A Data Science Central Community
Many of the following statistical tests are rarely discussed in textbooks or in college classes, much less in data camps. Yet they help answer a lot of different and interesting questions. I used most of them without even computing the underlying distribution under the null hypothesis, but instead, using simulations to check whether my assumptions were plausible or not. In short, my approach to statistical testing is is model-free, data-driven. Some are easy to implement even in Excel. Some of them are illustrated here, with examples that do not require statistical knowledge for understanding or implementation.
This material should appeal to managers, executives, industrial engineers, software engineers, operations research professionals, economists, and to anyone dealing with data, such as biometricians, analytical chemists, astronomers, epidemiologists, journalists, or physicians. Statisticians with a different perspective are invited to discuss my methodology and the tests described here, in the comment section at the bottom of this article. In my case, I used these tests mostly in the context of experimental mathematics, which is a branch of data science that few people talk about. In that context, the theoretical answer to a statistical test is sometimes known, making it a great benchmarking tool to assess the power of these tests, and determine the minimum sample size to make them valid.
I provide here a general overview, as well as my simple approach to statistical testing, accessible to professionals with little or no formal statistical training. Detailed applications of these tests are found in my recent book and in this article. Precise references to these documents are provided as needed, in this article.
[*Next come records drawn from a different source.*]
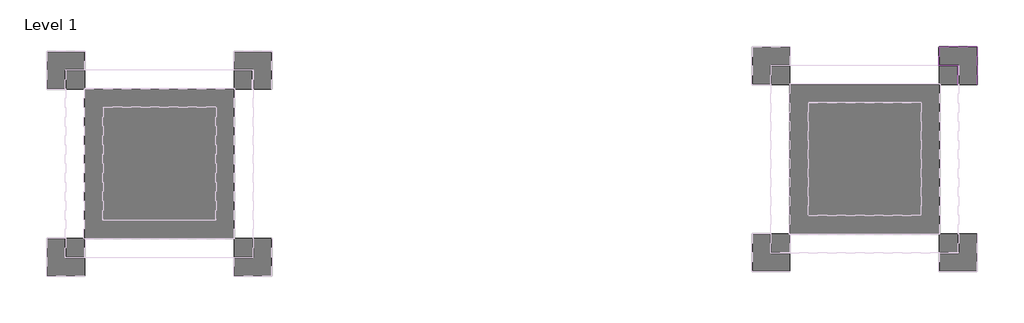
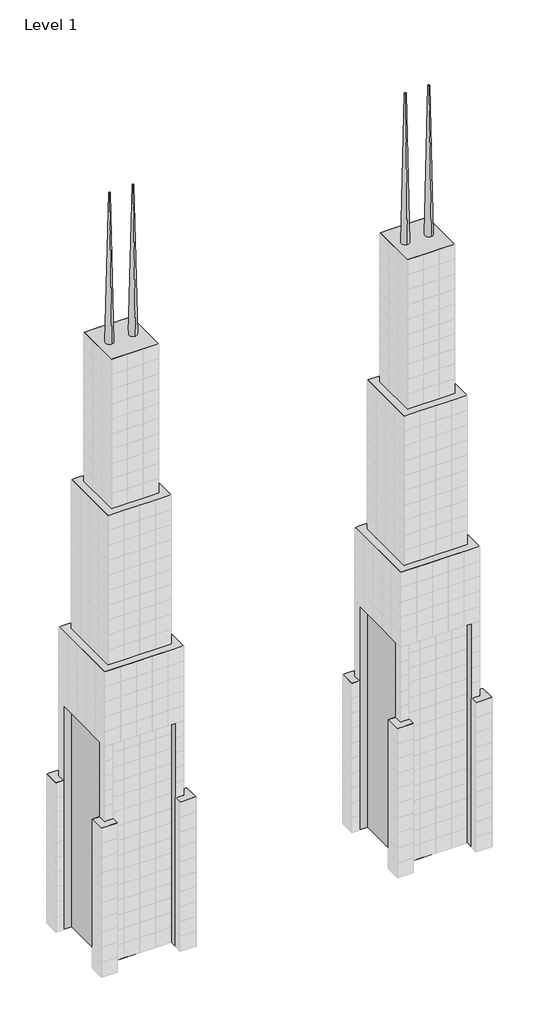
# One storey, part 15 of 15: 93 plates, 2 proxies.
"""IFC4 building model written with IfcOpenShell, lengths in millimetres."""

from ifc_helpers import new_model, si_unit, frame, origin, origin_with_axes, place, context, project, spatial, polyline, circle_curve, outline, extrude, faceted_brep, transform, mapped, element, save
from ifc_brep_helpers import plane_surface, revolved_surface, advanced_brep
from components import system_panel_glazed_9c75bc08, system_panel_glazed_aa64d645

model = new_model("IFC4")

# Units and contexts
model_context = context("Model", 3, world=origin())
ifc_project = project(units=[si_unit("LENGTHUNIT", "METRE", prefix="MILLI")], contexts=[model_context])

# Site, building, storey
site = spatial("IfcSite", under=ifc_project)
building = spatial("IfcBuilding", under=site)
storey = spatial("IfcBuildingStorey", under=building, Name="Level 1", Elevation=0.0)

# Proxies
placement = place(None, origin())
element("IfcBuildingElementProxy", 1, Name="Mass 1 : Mass 1", ObjectType="Mass 1 : Mass 1", at=placement, inside=storey, context=model_context, shape_type="SolidModel", body=[
    faceted_brep([(-5599.4161695, 9497.9495511, 60960.0), (-20839.4161695, 9497.9495511, 60960.0), (-20839.4161695, -5742.0504489, 60960.0), (-5599.4161695, -5742.0504489, 60960.0), (-5599.4161695, -5742.0504489, 0.0), (-7123.4161695, -5742.0504489, 0.0), (-7123.4161695, -4218.0504489, 0.0), (-5599.4161695, -4218.0504489, 0.0), (-19315.4161695, -5742.0504489, 0.0), (-20839.4161695, -5742.0504489, 0.0), (-20839.4161695, -4218.0504489, 0.0), (-19315.4161695, -4218.0504489, 0.0), (-19315.4161695, 7973.9495511, 0.0), (-7123.4161695, 7973.9495511, 0.0), (-7123.4161695, 9497.9495511, 0.0), (-5599.4161695, 9497.9495511, 0.0), (-5599.4161695, 7973.9495511, 0.0), (-20839.4161695, 9497.9495511, 0.0), (-19315.4161695, 9497.9495511, 0.0), (-20839.4161695, 7973.9495511, 0.0), (-7123.4161695, 9497.9495511, 45720.0), (-19315.4161695, 9497.9495511, 45720.0), (-20839.4161695, 7973.9495511, 45720.0), (-20839.4161695, -4218.0504489, 45720.0), (-19315.4161695, -5742.0504489, 45720.0), (-7123.4161695, -5742.0504489, 45720.0), (-5599.4161695, -4218.0504489, 45720.0), (-5599.4161695, 7973.9495511, 45720.0), (-19315.4161695, -4218.0504489, 45720.0), (-7123.4161695, -4218.0504489, 45720.0), (-7123.4161695, 7973.9495511, 45720.0), (-19315.4161695, 7973.9495511, 45720.0), (-19315.4161695, 7973.9495511, 45720.0), (-19315.4161695, -4218.0504489, 45720.0), (-7123.4161695, -4218.0504489, 45720.0), (-7123.4161695, 7973.9495511, 45720.0)], [[[0, 1, 2, 3]], [[4, 5, 6, 7]], [[8, 9, 10, 11]], [[6, 11, 12, 13]], [[14, 15, 16, 13]], [[17, 18, 12, 19]], [[1, 0, 15, 14, 20, 21, 18, 17]], [[2, 1, 17, 19, 22, 23, 10, 9]], [[3, 2, 9, 8, 24, 25, 5, 4]], [[0, 3, 4, 7, 26, 27, 16, 15]], [[24, 28, 29, 25]], [[25, 29, 6, 5]], [[29, 28, 11, 6]], [[28, 24, 8, 11]], [[20, 30, 31, 21]], [[21, 31, 12, 18]], [[31, 30, 13, 12]], [[30, 20, 14, 13]], [[22, 32, 33, 23]], [[23, 33, 11, 10]], [[33, 32, 12, 11]], [[32, 22, 19, 12]], [[26, 34, 35, 27]], [[27, 35, 13, 16]], [[35, 34, 6, 13]], [[34, 26, 7, 6]]]),
    extrude(outline(polyline([(-19315.4161695, 7973.9495511), (-7123.4161695, 7973.9495511), (-7123.4161695, -4218.0504489), (-19315.4161695, -4218.0504489), (-19315.4161695, 7973.9495511)])), frame((0.0, 0.0, 60960.0), z_axis=(0.0, 0.0, 1.0), x_axis=(1.0, 0.0, 0.0)), (0.0, 0.0, 1.0), 30480.0),
    extrude(outline(polyline([(-8641.8488996, 6449.9495511), (-8641.8488996, -2694.0504489), (-17785.8488996, -2694.0504489), (-17785.8488996, 6449.9495511), (-8641.8488996, 6449.9495511)])), frame((0.0, 0.0, 91440.0), z_axis=(0.0, 0.0, 1.0), x_axis=(1.0, 0.0, 0.0)), (0.0, 0.0, 1.0), 30480.0),
    extrude(outline(polyline([(-4075.4161695, -4218.0504489), (-4075.4161695, -7266.0504489), (-7123.4161695, -7266.0504489), (-7123.4161695, -5742.0504489), (-5599.4161695, -5742.0504489), (-5599.4161695, -4218.0504489), (-4075.4161695, -4218.0504489)])), origin_with_axes(), (0.0, 0.0, 1.0), 30480.0),
    extrude(outline(polyline([(-22363.4161695, -4218.0504489), (-20839.4161695, -4218.0504489), (-20839.4161695, -5742.0504489), (-19315.4161695, -5742.0504489), (-19315.4161695, -7266.0504489), (-22363.4161695, -7266.0504489), (-22363.4161695, -4218.0504489)])), origin_with_axes(), (0.0, 0.0, 1.0), 30480.0),
    extrude(outline(polyline([(-4075.4161695, 7973.9495511), (-5599.4161695, 7973.9495511), (-5599.4161695, 9497.9495511), (-7123.4161695, 9497.9495511), (-7123.4161695, 11021.9495511), (-4075.4161695, 11021.9495511), (-4075.4161695, 7973.9495511)])), origin_with_axes(), (0.0, 0.0, 1.0), 30480.0),
    extrude(outline(polyline([(-22363.4161695, 7973.9495511), (-22363.4161695, 11021.9495511), (-19315.4161695, 11021.9495511), (-19315.4161695, 9497.9495511), (-20839.4161695, 9497.9495511), (-20839.4161695, 7973.9495511), (-22363.4161695, 7973.9495511)])), origin_with_axes(), (0.0, 0.0, 1.0), 30480.0),
    advanced_brep(
    [(-15521.307727, 1736.5830766, 152400.0), (-15522.7857924, 2041.3794928, 152400.0), (-15518.3515961, 1126.9902442, 121920.0), (-15525.7419233, 2650.9723252, 121920.0)],
    [
        (0, 1, circle_curve(frame((-15522.0467597, 1888.9812847, 152400.0), z_axis=(0.0, 0.0, 1.0), x_axis=(0.004849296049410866, -0.9999882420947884, 0.0)), 152.4)),
        (1, 0, circle_curve(frame((-15522.0467597, 1888.9812847, 152400.0), z_axis=(0.0, 0.0, 1.0), x_axis=(-0.004849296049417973, 0.9999882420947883, 0.0)), 152.4)),
        (2, 3, circle_curve(frame((-15522.0467597, 1888.9812847, 121920.0), z_axis=(0.0, 0.0, -1.0), x_axis=(-0.004849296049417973, 0.9999882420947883, 0.0)), 762.0)),
        (3, 2, circle_curve(frame((-15522.0467597, 1888.9812847, 121920.0), z_axis=(0.0, 0.0, -1.0), x_axis=(0.004849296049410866, -0.9999882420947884, 0.0)), 762.0)),
        (3, 1),
        (0, 2),
    ],
    [
        plane_surface(frame((-15522.0467597, 1888.9812847, 152400.0), z_axis=(0.0, 0.0, 1.0000000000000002), x_axis=(0.9999882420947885, 0.004849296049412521, 0.0))),
        plane_surface(frame((-15522.0467597, 1888.9812847, 121920.0), z_axis=(0.0, 0.0, -1.0000000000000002), x_axis=(0.9999882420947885, 0.004849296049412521, 0.0))),
        revolved_surface(polyline([(-15521.30772698, 1736.5830766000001, 152400.0), (-15518.3515961, 1126.9902442, 121920.0)]), (-15522.0467597, 1888.9812847, 160020.0), (0.0, 0.0, -1.0)),
        revolved_surface(polyline([(-15522.78579242, 2041.3794928, 152400.0), (-15525.7419233, 2650.9723252, 121920.0)]), (-15522.0467597, 1888.9812847, 160020.0), (0.0, 0.0, -1.0)),
    ],
    [
        (0, [[1, 2]]),
        (1, [[3, 4]]),
        (2, [[-4, 5, -1, 6]]),
        (3, [[-3, -6, -2, -5]]),
    ],
),
    advanced_brep(
    [(-10949.3614841, 1758.7540581, 152400.0), (-10950.8395495, 2063.5504743, 152400.0), (-10946.4053532, 1149.1612258, 121920.0), (-10953.7956804, 2673.1433067, 121920.0)],
    [
        (0, 1, circle_curve(frame((-10950.1005168, 1911.1522662, 152400.0), z_axis=(0.0, 0.0, 1.0), x_axis=(0.004849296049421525, -0.9999882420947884, 0.0)), 152.4)),
        (1, 0, circle_curve(frame((-10950.1005168, 1911.1522662, 152400.0), z_axis=(0.0, 0.0, 1.0), x_axis=(-0.004849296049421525, 0.9999882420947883, 0.0)), 152.4)),
        (2, 3, circle_curve(frame((-10950.1005168, 1911.1522662, 121920.0), z_axis=(0.0, 0.0, -1.0), x_axis=(-0.004849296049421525, 0.9999882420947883, 0.0)), 762.0)),
        (3, 2, circle_curve(frame((-10950.1005168, 1911.1522662, 121920.0), z_axis=(0.0, 0.0, -1.0), x_axis=(0.004849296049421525, -0.9999882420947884, 0.0)), 762.0)),
        (3, 1),
        (0, 2),
    ],
    [
        plane_surface(frame((-10950.1005168, 1911.1522662, 152400.0), z_axis=(0.0, 0.0, 1.0000000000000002), x_axis=(0.9999882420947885, 0.004849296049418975, 0.0))),
        plane_surface(frame((-10950.1005168, 1911.1522662, 121920.0), z_axis=(0.0, 0.0, -1.0000000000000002), x_axis=(0.9999882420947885, 0.004849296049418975, 0.0))),
        revolved_surface(polyline([(-10949.36148408, 1758.75405812, 152400.0), (-10946.4053532, 1149.1612258, 121920.0)]), (-10950.1005168, 1911.1522662, 160020.0), (0.0, 0.0, -1.0)),
        revolved_surface(polyline([(-10950.83954952, 2063.5504743, 152400.0), (-10953.7956804, 2673.1433067, 121920.0)]), (-10950.1005168, 1911.1522662, 160020.0), (0.0, 0.0, -1.0)),
    ],
    [
        (0, [[1, 2]]),
        (1, [[3, 4]]),
        (2, [[-4, 5, -1, 6]]),
        (3, [[-3, -6, -2, -5]]),
    ],
),
])
element("IfcBuildingElementProxy", 2, Name="Mass 4 : Mass 1", ObjectType="Mass 4 : Mass 1", at=placement, inside=storey, context=model_context, shape_type="SolidModel", body=[
    faceted_brep([(51834.2903978, 9875.0904402, 60960.0), (36594.2903978, 9875.0904402, 60960.0), (36594.2903978, -5364.9095598, 60960.0), (51834.2903978, -5364.9095598, 60960.0), (51834.2903978, -5364.9095598, 0.0), (50310.2903978, -5364.9095598, 0.0), (50310.2903978, -3840.9095598, 0.0), (51834.2903978, -3840.9095598, 0.0), (38118.2903978, -5364.9095598, 0.0), (36594.2903978, -5364.9095598, 0.0), (36594.2903978, -3840.9095598, 0.0), (38118.2903978, -3840.9095598, 0.0), (38118.2903978, 8351.0904402, 0.0), (50310.2903978, 8351.0904402, 0.0), (50310.2903978, 9875.0904402, 0.0), (51834.2903978, 9875.0904402, 0.0), (51834.2903978, 8351.0904402, 0.0), (36594.2903978, 9875.0904402, 0.0), (38118.2903978, 9875.0904402, 0.0), (36594.2903978, 8351.0904402, 0.0), (50310.2903978, 9875.0904402, 45720.0), (38118.2903978, 9875.0904402, 45720.0), (36594.2903978, 8351.0904402, 45720.0), (36594.2903978, -3840.9095598, 45720.0), (38118.2903978, -5364.9095598, 45720.0), (50310.2903978, -5364.9095598, 45720.0), (51834.2903978, -3840.9095598, 45720.0), (51834.2903978, 8351.0904402, 45720.0), (38118.2903978, -3840.9095598, 45720.0), (50310.2903978, -3840.9095598, 45720.0), (50310.2903978, 8351.0904402, 45720.0), (38118.2903978, 8351.0904402, 45720.0), (38118.2903978, 8351.0904402, 45720.0), (38118.2903978, -3840.9095598, 45720.0), (50310.2903978, -3840.9095598, 45720.0), (50310.2903978, 8351.0904402, 45720.0)], [[[0, 1, 2, 3]], [[4, 5, 6, 7]], [[8, 9, 10, 11]], [[6, 11, 12, 13]], [[14, 15, 16, 13]], [[17, 18, 12, 19]], [[1, 0, 15, 14, 20, 21, 18, 17]], [[2, 1, 17, 19, 22, 23, 10, 9]], [[3, 2, 9, 8, 24, 25, 5, 4]], [[0, 3, 4, 7, 26, 27, 16, 15]], [[24, 28, 29, 25]], [[25, 29, 6, 5]], [[29, 28, 11, 6]], [[28, 24, 8, 11]], [[20, 30, 31, 21]], [[21, 31, 12, 18]], [[31, 30, 13, 12]], [[30, 20, 14, 13]], [[22, 32, 33, 23]], [[23, 33, 11, 10]], [[33, 32, 12, 11]], [[32, 22, 19, 12]], [[26, 34, 35, 27]], [[27, 35, 13, 16]], [[35, 34, 6, 13]], [[34, 26, 7, 6]]]),
    extrude(outline(polyline([(38118.2903978, 8351.0904402), (50310.2903978, 8351.0904402), (50310.2903978, -3840.9095598), (38118.2903978, -3840.9095598), (38118.2903978, 8351.0904402)])), frame((0.0, 0.0, 60960.0), z_axis=(0.0, 0.0, 1.0), x_axis=(1.0, 0.0, 0.0)), (0.0, 0.0, 1.0), 30480.0),
    extrude(outline(polyline([(48791.8576677, 6827.0904402), (48791.8576677, -2316.9095598), (39647.8576677, -2316.9095598), (39647.8576677, 6827.0904402), (48791.8576677, 6827.0904402)])), frame((0.0, 0.0, 91440.0), z_axis=(0.0, 0.0, 1.0), x_axis=(1.0, 0.0, 0.0)), (0.0, 0.0, 1.0), 30480.0),
    extrude(outline(polyline([(53358.2903978, -3840.9095598), (53358.2903978, -6888.9095598), (50310.2903978, -6888.9095598), (50310.2903978, -5364.9095598), (51834.2903978, -5364.9095598), (51834.2903978, -3840.9095598), (53358.2903978, -3840.9095598)])), origin_with_axes(), (0.0, 0.0, 1.0), 30480.0),
    extrude(outline(polyline([(35070.2903978, -3840.9095598), (36594.2903978, -3840.9095598), (36594.2903978, -5364.9095598), (38118.2903978, -5364.9095598), (38118.2903978, -6888.9095598), (35070.2903978, -6888.9095598), (35070.2903978, -3840.9095598)])), origin_with_axes(), (0.0, 0.0, 1.0), 30480.0),
    extrude(outline(polyline([(53358.2903978, 8351.0904402), (51834.2903978, 8351.0904402), (51834.2903978, 9875.0904402), (50310.2903978, 9875.0904402), (50310.2903978, 11399.0904402), (53358.2903978, 11399.0904402), (53358.2903978, 8351.0904402)])), origin_with_axes(), (0.0, 0.0, 1.0), 30480.0),
    extrude(outline(polyline([(35070.2903978, 8351.0904402), (35070.2903978, 11399.0904402), (38118.2903978, 11399.0904402), (38118.2903978, 9875.0904402), (36594.2903978, 9875.0904402), (36594.2903978, 8351.0904402), (35070.2903978, 8351.0904402)])), origin_with_axes(), (0.0, 0.0, 1.0), 30480.0),
    advanced_brep(
    [(41889.4076677, 2147.1404402, 152400.0), (41889.4076677, 2451.9404402, 152400.0), (41889.4076677, 1537.5404402, 121920.0), (41889.4076677, 3061.5404402, 121920.0)],
    [
        (0, 1, circle_curve(frame((41889.4076677, 2299.5404402, 152400.0), z_axis=(0.0, 0.0, 1.0), x_axis=(0.0, -1.0, 0.0)), 152.4)),
        (1, 0, circle_curve(frame((41889.4076677, 2299.5404402, 152400.0), z_axis=(0.0, 0.0, 1.0), x_axis=(0.0, 1.0, 0.0)), 152.4)),
        (2, 3, circle_curve(frame((41889.4076677, 2299.5404402, 121920.0), z_axis=(0.0, 0.0, -1.0), x_axis=(0.0, 1.0, 0.0)), 762.0)),
        (3, 2, circle_curve(frame((41889.4076677, 2299.5404402, 121920.0), z_axis=(0.0, 0.0, -1.0), x_axis=(0.0, -1.0, 0.0)), 762.0)),
        (3, 1),
        (0, 2),
    ],
    [
        plane_surface(frame((41889.4076677, 2299.5404402, 152400.0), z_axis=(0.0, 0.0, 1.0), x_axis=(1.0, 0.0, 0.0))),
        plane_surface(frame((41889.4076677, 2299.5404402, 121920.0), z_axis=(0.0, 0.0, -1.0), x_axis=(1.0, 0.0, 0.0))),
        revolved_surface(polyline([(41889.4076677, 2147.1404402, 152400.0), (41889.4076677, 1537.5404402, 121920.0)]), (41889.4076677, 2299.5404402, 160020.0), (0.0, 0.0, -1.0)),
        revolved_surface(polyline([(41889.4076677, 2451.9404402, 152400.0), (41889.4076677, 3061.5404402, 121920.0)]), (41889.4076677, 2299.5404402, 160020.0), (0.0, 0.0, -1.0)),
    ],
    [
        (0, [[1, 2]]),
        (1, [[3, 4]]),
        (2, [[-4, 5, -1, 6]]),
        (3, [[-3, -6, -2, -5]]),
    ],
),
    advanced_brep(
    [(46461.4076677, 2147.1404402, 152400.0), (46461.4076677, 2451.9404402, 152400.0), (46461.4076677, 1537.5404402, 121920.0), (46461.4076677, 3061.5404402, 121920.0)],
    [
        (0, 1, circle_curve(frame((46461.4076677, 2299.5404402, 152400.0), z_axis=(0.0, 0.0, 1.0), x_axis=(0.0, -1.0, 0.0)), 152.4)),
        (1, 0, circle_curve(frame((46461.4076677, 2299.5404402, 152400.0), z_axis=(0.0, 0.0, 1.0), x_axis=(0.0, 1.0, 0.0)), 152.4)),
        (2, 3, circle_curve(frame((46461.4076677, 2299.5404402, 121920.0), z_axis=(0.0, 0.0, -1.0), x_axis=(0.0, 1.0, 0.0)), 762.0)),
        (3, 2, circle_curve(frame((46461.4076677, 2299.5404402, 121920.0), z_axis=(0.0, 0.0, -1.0), x_axis=(0.0, -1.0, 0.0)), 762.0)),
        (3, 1),
        (0, 2),
    ],
    [
        plane_surface(frame((46461.4076677, 2299.5404402, 152400.0), z_axis=(0.0, 0.0, 1.0), x_axis=(1.0, 0.0, 0.0))),
        plane_surface(frame((46461.4076677, 2299.5404402, 121920.0), z_axis=(0.0, 0.0, -1.0), x_axis=(1.0, 0.0, 0.0))),
        revolved_surface(polyline([(46461.4076677, 2147.1404402, 152400.0), (46461.4076677, 1537.5404402, 121920.0)]), (46461.4076677, 2299.5404402, 160020.0), (0.0, 0.0, -1.0)),
        revolved_surface(polyline([(46461.4076677, 2451.9404402, 152400.0), (46461.4076677, 3061.5404402, 121920.0)]), (46461.4076677, 2299.5404402, 160020.0), (0.0, 0.0, -1.0)),
    ],
    [
        (0, [[1, 2]]),
        (1, [[3, 4]]),
        (2, [[-4, 5, -1, 6]]),
        (3, [[-3, -6, -2, -5]]),
    ],
),
])

# Plates
system_panel_glazed_shape = system_panel_glazed_9c75bc08(model_context)
element("IfcPlate", 3, ObjectType="System Panel : Glazed", at=placement, inside=storey, context=model_context, shape_type="MappedRepresentation", body=[
    mapped(system_panel_glazed_shape, transform((51072.2903978, 9875.0904402, 36576.0), x_axis=(-1.0, 0.0, 0.0), y_axis=(0.0, -1.0, 0.0), z_axis=(0.0, 0.0, 1.0))),
])
element("IfcPlate", 4, ObjectType="System Panel : Glazed", at=placement, inside=storey, context=model_context, shape_type="MappedRepresentation", body=[
    mapped(system_panel_glazed_shape, transform((51072.2903978, 9875.0904402, 39624.0), x_axis=(-1.0, 0.0, 0.0), y_axis=(0.0, -1.0, 0.0), z_axis=(0.0, 0.0, 1.0))),
])
element("IfcPlate", 5, ObjectType="System Panel : Glazed", at=placement, inside=storey, context=model_context, shape_type="MappedRepresentation", body=[
    mapped(system_panel_glazed_shape, transform((51072.2903978, 9875.0904402, 42672.0), x_axis=(-1.0, 0.0, 0.0), y_axis=(0.0, -1.0, 0.0), z_axis=(0.0, 0.0, 1.0))),
])
element("IfcPlate", 6, ObjectType="System Panel : Glazed", at=placement, inside=storey, context=model_context, shape_type="MappedRepresentation", body=[
    mapped(system_panel_glazed_shape, transform((51072.2903978, 9875.0904402, 0.0), x_axis=(-1.0, 0.0, 0.0), y_axis=(0.0, -1.0, 0.0), z_axis=(0.0, 0.0, 1.0))),
])
element("IfcPlate", 7, ObjectType="System Panel : Glazed", at=placement, inside=storey, context=model_context, shape_type="MappedRepresentation", body=[
    mapped(system_panel_glazed_shape, transform((51072.2903978, 9875.0904402, 3048.0), x_axis=(-1.0, 0.0, 0.0), y_axis=(0.0, -1.0, 0.0), z_axis=(0.0, 0.0, 1.0))),
])
element("IfcPlate", 8, ObjectType="System Panel : Glazed", at=placement, inside=storey, context=model_context, shape_type="MappedRepresentation", body=[
    mapped(system_panel_glazed_shape, transform((51072.2903978, 9875.0904402, 6096.0), x_axis=(-1.0, 0.0, 0.0), y_axis=(0.0, -1.0, 0.0), z_axis=(0.0, 0.0, 1.0))),
])
element("IfcPlate", 9, ObjectType="System Panel : Glazed", at=placement, inside=storey, context=model_context, shape_type="MappedRepresentation", body=[
    mapped(system_panel_glazed_shape, transform((51072.2903978, 9875.0904402, 9144.0), x_axis=(-1.0, 0.0, 0.0), y_axis=(0.0, -1.0, 0.0), z_axis=(0.0, 0.0, 1.0))),
])
element("IfcPlate", 10, ObjectType="System Panel : Glazed", at=placement, inside=storey, context=model_context, shape_type="MappedRepresentation", body=[
    mapped(system_panel_glazed_shape, transform((51072.2903978, 9875.0904402, 12192.0), x_axis=(-1.0, 0.0, 0.0), y_axis=(0.0, -1.0, 0.0), z_axis=(0.0, 0.0, 1.0))),
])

Examples of traditional tests
1. General Methodology
Despite my strong background in statistical science, over the years, I moved away from relying too much on traditional statistical tests and statistical inference. I am not the only one: these tests have been abused and misused, see for instance this article on p-hacking. Instead, I favored a methodology of my own, mostly empirical, based on simulations, data- rather than model-driven. It is essentially a non-parametric approach. It has the advantage of being far easier to use, implement, understand, and interpret, especially to the non-initiated. It was initially designed to be integrated in black-box, automated decision systems. Here I share some of these tests, and many can be implemented easily in Excel.